Ah, PAGINATION, that perenial problem.
Lots of ways to solve this, some simple, many as complicated as it gets.
If you are using sessions then you can store the required information to keep track of the pages in session vars.
If not then you have to store them in hidden fields on the html page.
Now you can work this in many ways:
1. store the whole query string and modify the LIMIT clause from page to page
2. store the values from the WHERE clause and the LIMIT clause to re-generate the query
3. calculate the Limit values for the next and last pages and embed them as values in your Next/Last buttons/links on the html page, along with the Where values in a hidden field
4. store the WHERE values and the page number and use a formula to calculate the Limit values.
My solution:
If you are displaying 20 results per page then query for 21: that way you know if there will be a next page: ie if you get 21 records back then there is at least 1 record to display on the next page. 😃
I store the Where values as session vars along with the page number and rows per page (rpp). I can then calculate the Limit values from the page number/rows per page thus:
LIMIT (rpp x (page - 1)), (rpp + 1)
This works cos the offset of the rows starts at 0, ie page 1 displays 0-19 so page 2 displays (20 x (2-1)) = 20-39 , page 3 displays (20 x (3-1)) = 40-69 etc
I store the rows per page as a var instead of hard-coding it so that it can be reset without changing my code.

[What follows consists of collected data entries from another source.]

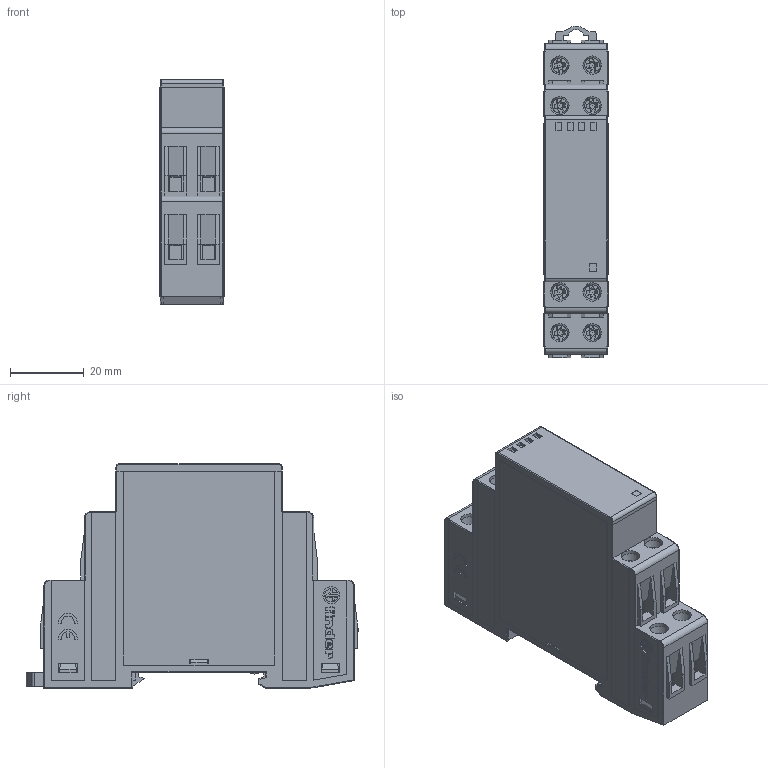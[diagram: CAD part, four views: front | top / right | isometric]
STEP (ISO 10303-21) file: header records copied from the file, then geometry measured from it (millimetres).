
FILE_DESCRIPTION( ( 'Unknown' ), '1' );
FILE_NAME( 'C:/Users/pdellaca/Desktop/7P_37/7P_37.stp', 'Unknown', ( 'Unknown' ), ( 'Unknown' ), 'PSStep 15.0.49', 'Unknown', ' ' );
FILE_SCHEMA( ( 'AUTOMOTIVE_DESIGN { 1 0 10303 214 1 1 1 1 }' ) );
Length unit declared in the file: millimetre
Products named in the file (61): top; 17P7000
Bounding box: 17.5 x 89.85 x 60.8 mm (x, y, z)
Surface area: 21934.6 mm2 (no closed solid volume)
Topology: 0 solids, 1433 shells, 1433 faces, 8702 edges, 8666 vertices
Faces by surface type: plane 1206, cylinder 167, bspline 17, revolution 16, extrusion 14, torus 12, cone 1
Full cylindrical faces by diameter (mm): 3 x2, 4.566 x2, 4.6 x6, 5 x8
Entity records: 98922 total; most frequent: CARTESIAN_POINT 24799, DIRECTION 11774, VERTEX_POINT 8652, ORIENTED_EDGE 8644, EDGE_CURVE 8644, VECTOR 7660, LINE 7646, AXIS2_PLACEMENT_3D 2049

Thus, my html only needs to indicate back or forwards. Back then p in my formula = current page - 1, forwards = current page + 1
Bear in mind that users will rarely page through more than 3 or 4 pages so working out that there are enough records for 50 pages is just a waste of processing time. If you want to look fancy then just query for 4 times rpp and give links for next 3 pages if they exist.